--- Records drawn from a dataset ---
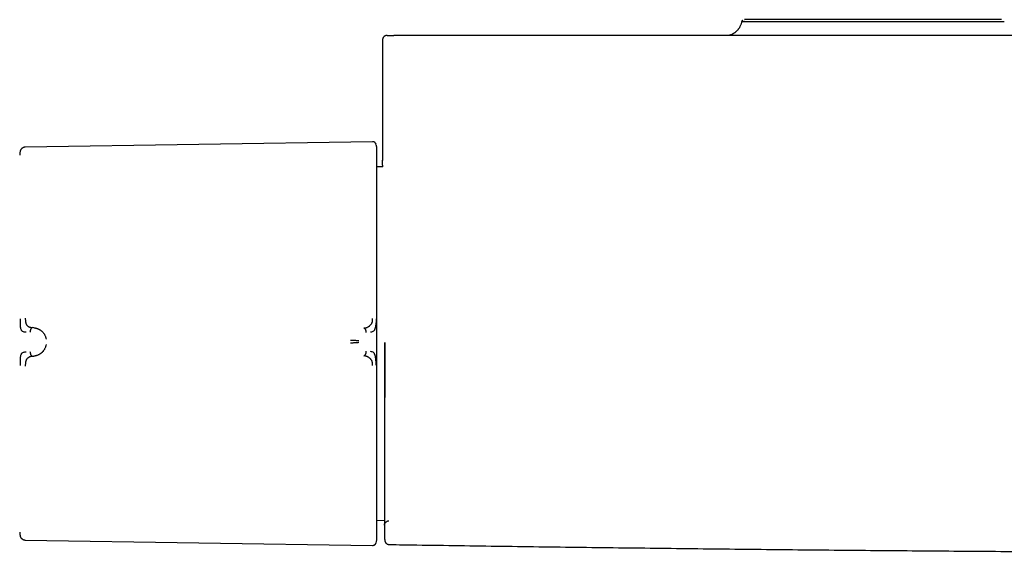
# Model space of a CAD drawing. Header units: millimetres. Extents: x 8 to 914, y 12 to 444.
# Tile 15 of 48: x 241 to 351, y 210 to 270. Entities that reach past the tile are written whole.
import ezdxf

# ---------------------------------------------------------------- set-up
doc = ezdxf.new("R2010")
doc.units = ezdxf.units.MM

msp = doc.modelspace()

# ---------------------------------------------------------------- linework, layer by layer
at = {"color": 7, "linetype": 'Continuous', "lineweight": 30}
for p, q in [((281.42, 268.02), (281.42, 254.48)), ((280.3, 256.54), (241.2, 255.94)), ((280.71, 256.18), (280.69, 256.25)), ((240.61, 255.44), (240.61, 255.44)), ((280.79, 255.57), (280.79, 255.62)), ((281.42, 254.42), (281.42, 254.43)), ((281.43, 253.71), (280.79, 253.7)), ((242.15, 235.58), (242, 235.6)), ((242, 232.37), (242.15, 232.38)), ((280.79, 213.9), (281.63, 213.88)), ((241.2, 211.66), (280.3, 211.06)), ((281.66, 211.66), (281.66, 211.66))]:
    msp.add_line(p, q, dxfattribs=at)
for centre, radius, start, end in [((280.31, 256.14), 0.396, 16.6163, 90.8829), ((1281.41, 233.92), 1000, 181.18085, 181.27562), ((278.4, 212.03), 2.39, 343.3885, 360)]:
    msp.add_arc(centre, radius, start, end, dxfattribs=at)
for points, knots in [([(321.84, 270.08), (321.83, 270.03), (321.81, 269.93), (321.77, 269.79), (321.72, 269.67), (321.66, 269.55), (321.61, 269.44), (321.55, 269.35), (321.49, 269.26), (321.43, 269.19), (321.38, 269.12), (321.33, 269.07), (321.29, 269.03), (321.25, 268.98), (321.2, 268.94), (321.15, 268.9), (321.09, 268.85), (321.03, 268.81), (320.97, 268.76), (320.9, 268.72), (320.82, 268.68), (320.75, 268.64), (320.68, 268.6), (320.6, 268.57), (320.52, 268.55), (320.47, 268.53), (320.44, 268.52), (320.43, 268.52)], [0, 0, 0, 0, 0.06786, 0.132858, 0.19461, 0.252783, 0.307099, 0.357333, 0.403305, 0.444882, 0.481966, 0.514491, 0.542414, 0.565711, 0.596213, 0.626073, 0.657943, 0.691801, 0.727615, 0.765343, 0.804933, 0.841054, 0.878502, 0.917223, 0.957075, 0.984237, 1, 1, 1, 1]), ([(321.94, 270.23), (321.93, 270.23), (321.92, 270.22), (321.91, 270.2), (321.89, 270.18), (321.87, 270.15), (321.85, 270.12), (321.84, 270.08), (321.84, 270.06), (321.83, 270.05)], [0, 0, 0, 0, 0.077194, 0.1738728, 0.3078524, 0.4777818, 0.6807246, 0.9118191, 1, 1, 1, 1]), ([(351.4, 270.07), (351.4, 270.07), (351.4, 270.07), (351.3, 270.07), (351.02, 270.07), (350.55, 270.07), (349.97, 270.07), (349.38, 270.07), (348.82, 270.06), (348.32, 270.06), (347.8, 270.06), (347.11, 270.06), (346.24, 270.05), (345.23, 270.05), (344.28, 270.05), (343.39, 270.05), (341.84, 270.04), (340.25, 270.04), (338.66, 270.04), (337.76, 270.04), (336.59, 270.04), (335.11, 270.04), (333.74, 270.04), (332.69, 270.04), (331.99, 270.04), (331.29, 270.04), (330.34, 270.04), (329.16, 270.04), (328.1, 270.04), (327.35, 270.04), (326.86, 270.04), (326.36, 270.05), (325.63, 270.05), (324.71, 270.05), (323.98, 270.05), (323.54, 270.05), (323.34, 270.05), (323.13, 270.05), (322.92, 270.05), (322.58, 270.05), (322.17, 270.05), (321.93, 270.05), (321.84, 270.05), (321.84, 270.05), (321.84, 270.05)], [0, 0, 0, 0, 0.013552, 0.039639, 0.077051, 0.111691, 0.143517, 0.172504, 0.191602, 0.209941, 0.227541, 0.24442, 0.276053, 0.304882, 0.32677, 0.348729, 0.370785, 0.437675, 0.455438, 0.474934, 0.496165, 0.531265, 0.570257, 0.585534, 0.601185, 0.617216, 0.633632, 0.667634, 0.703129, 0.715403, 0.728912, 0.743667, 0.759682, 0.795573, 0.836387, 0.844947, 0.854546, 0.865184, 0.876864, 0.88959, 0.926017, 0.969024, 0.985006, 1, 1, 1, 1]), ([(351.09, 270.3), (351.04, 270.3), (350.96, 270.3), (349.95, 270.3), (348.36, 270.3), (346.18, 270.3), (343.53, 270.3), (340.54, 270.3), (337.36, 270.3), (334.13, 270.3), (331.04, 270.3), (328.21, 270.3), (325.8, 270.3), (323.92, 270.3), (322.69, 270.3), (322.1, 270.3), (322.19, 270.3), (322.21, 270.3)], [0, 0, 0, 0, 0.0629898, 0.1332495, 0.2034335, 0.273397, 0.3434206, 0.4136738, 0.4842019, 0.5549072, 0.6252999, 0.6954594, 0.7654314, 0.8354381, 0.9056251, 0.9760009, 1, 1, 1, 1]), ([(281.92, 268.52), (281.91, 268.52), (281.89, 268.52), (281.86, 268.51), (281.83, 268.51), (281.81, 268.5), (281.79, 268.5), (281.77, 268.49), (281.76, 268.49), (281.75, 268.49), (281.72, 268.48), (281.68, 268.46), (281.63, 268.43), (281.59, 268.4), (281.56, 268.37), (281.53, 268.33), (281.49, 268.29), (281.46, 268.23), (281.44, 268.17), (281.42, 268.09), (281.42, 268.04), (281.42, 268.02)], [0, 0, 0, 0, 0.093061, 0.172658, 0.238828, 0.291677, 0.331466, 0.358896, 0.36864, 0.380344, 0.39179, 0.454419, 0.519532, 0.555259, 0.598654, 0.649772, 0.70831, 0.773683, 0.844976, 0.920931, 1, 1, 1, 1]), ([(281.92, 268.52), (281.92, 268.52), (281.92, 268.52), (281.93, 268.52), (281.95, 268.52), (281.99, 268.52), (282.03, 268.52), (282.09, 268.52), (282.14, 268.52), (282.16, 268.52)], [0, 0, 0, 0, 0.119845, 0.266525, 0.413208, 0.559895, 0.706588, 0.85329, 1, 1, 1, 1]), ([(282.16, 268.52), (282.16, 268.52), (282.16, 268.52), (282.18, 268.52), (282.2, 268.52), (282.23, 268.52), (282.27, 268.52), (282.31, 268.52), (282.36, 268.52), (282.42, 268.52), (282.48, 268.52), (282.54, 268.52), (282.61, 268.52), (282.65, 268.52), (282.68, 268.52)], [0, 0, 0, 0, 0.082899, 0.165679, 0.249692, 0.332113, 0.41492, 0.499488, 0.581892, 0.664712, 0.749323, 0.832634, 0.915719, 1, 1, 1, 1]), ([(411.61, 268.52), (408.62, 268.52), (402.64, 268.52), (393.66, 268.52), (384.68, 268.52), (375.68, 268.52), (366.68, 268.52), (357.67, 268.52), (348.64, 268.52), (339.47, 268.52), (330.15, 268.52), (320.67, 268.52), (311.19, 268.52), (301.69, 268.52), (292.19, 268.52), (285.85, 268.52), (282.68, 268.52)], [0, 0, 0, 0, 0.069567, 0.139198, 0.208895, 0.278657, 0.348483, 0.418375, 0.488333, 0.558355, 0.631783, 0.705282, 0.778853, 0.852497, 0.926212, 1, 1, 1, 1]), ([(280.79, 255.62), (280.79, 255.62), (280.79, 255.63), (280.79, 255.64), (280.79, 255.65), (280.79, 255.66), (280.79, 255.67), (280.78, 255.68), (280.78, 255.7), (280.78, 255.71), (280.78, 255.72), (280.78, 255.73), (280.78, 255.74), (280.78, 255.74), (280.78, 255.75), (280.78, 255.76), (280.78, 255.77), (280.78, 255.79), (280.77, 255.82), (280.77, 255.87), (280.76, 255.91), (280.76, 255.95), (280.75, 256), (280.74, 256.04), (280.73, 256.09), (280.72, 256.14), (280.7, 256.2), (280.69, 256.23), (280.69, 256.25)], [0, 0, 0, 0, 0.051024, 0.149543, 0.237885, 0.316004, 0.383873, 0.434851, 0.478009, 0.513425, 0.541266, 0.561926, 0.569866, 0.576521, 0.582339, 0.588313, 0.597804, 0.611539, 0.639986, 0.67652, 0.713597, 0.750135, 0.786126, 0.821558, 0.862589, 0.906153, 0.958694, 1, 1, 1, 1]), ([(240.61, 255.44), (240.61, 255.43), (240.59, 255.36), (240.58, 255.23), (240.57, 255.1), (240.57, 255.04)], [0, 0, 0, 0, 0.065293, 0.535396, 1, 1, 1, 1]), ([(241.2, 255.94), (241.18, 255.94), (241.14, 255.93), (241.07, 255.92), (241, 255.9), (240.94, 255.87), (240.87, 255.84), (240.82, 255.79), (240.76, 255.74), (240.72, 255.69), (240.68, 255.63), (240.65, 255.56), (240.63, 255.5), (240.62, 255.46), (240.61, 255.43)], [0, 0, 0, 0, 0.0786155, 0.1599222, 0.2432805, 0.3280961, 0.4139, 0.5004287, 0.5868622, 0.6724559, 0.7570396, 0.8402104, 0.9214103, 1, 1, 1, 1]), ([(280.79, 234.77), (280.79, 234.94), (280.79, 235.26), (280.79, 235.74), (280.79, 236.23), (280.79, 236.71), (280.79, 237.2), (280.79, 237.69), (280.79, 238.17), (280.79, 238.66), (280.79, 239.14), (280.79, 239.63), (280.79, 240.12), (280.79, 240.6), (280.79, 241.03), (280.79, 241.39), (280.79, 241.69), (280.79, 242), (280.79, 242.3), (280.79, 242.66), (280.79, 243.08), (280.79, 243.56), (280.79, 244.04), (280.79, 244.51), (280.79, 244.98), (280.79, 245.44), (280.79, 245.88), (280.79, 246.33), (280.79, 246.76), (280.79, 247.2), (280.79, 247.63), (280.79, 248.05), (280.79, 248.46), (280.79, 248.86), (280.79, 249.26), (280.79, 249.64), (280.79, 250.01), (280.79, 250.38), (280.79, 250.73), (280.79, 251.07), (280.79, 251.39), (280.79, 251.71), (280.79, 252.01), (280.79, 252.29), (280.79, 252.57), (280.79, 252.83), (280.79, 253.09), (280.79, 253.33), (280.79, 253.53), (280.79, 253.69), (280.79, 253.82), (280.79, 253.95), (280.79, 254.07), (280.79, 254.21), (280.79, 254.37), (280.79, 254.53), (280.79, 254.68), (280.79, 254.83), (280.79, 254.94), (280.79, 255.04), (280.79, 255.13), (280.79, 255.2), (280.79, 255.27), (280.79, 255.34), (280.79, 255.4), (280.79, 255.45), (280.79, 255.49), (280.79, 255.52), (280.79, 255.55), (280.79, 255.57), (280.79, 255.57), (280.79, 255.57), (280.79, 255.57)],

--- Exercise prompt ---
The lines you need are those containing "units"; find them in the records and copy them.

--- Exercise output ---
# Model space of a CAD drawing. Header units: millimetres. Extents: x 8 to 914, y 12 to 444.
doc.units = ezdxf.units.MM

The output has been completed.